**WORK TASK**
All of the records below must be output exactly, with no pictures carried over.

--

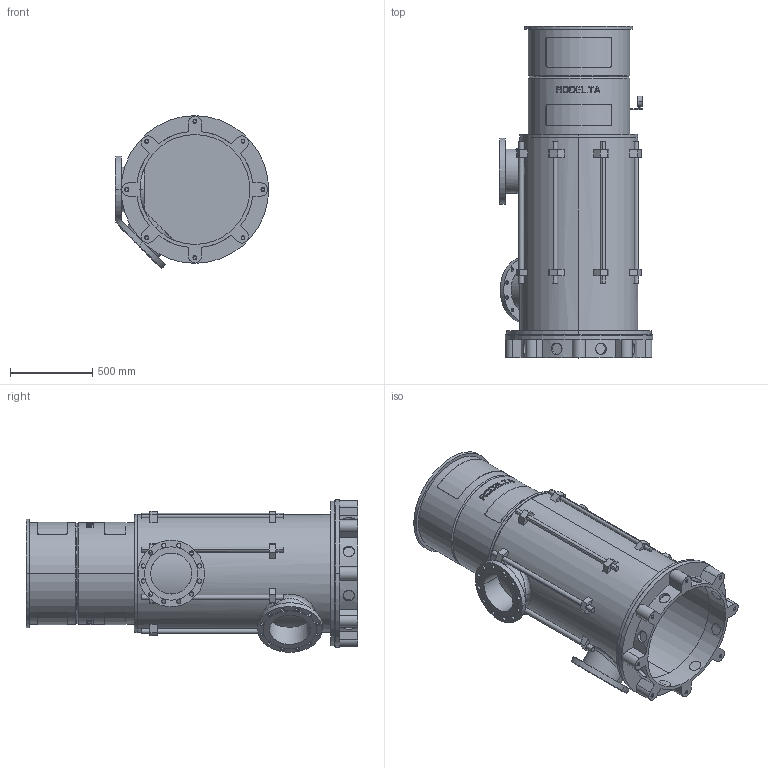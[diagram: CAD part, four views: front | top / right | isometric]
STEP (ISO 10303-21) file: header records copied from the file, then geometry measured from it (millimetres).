
FILE_DESCRIPTION((''),'2;1');
FILE_NAME('LS10_2TR_0GR_P_PN16','2025-10-20T12:03:36',('Lyritlocal'),(''),'CREO PARAMETRIC BY PTC INC, 2022014','CREO PARAMETRIC BY PTC INC, 2022014','');
FILE_SCHEMA(('CONFIG_CONTROL_DESIGN'));
Length unit declared in the file: millimetre
Products named in the file (1): LS10_2TR_0GR_P_PN16
Bounding box: 935 x 2023 x 930.48 mm (x, y, z)
Volume: 90073938.2 mm3; surface area: 12354677.7 mm2
Topology: 3 solids, 11 shells, 752 faces, 1934 edges, 1288 vertices
Faces by surface type: plane 462, cylinder 274, cone 12, bspline 4
Entity records: 24399 total; most frequent: CARTESIAN_POINT 6053, ORIENTED_EDGE 3836, DIRECTION 3662, EDGE_CURVE 1934, AXIS2_PLACEMENT_3D 1381, VERTEX_POINT 1288, EDGE_LOOP 924, VECTOR 900

--

**TASK ANSWER**
[diagram: CAD part, four views: front | top / right | isometric]
STEP (ISO 10303-21) file: header records copied from the file, then geometry measured from it (millimetres).
FILE_DESCRIPTION((''),'2;1');
FILE_NAME('LS10_2TR_0GR_P_PN16','2025-10-20T12:03:36',('Lyritlocal'),(''),'CREO PARAMETRIC BY PTC INC, 2022014','CREO PARAMETRIC BY PTC INC, 2022014','');
FILE_SCHEMA(('CONFIG_CONTROL_DESIGN'));
Length unit declared in the file: millimetre
Products named in the file (1): LS10_2TR_0GR_P_PN16
Bounding box: 935 x 2023 x 930.48 mm (x, y, z)
Volume: 90073938.2 mm3; surface area: 12354677.7 mm2
Topology: 3 solids, 11 shells, 752 faces, 1934 edges, 1288 vertices
Faces by surface type: plane 462, cylinder 274, cone 12, bspline 4
Entity records: 24399 total; most frequent: CARTESIAN_POINT 6053, ORIENTED_EDGE 3836, DIRECTION 3662, EDGE_CURVE 1934, AXIS2_PLACEMENT_3D 1381, VERTEX_POINT 1288, EDGE_LOOP 924, VECTOR 900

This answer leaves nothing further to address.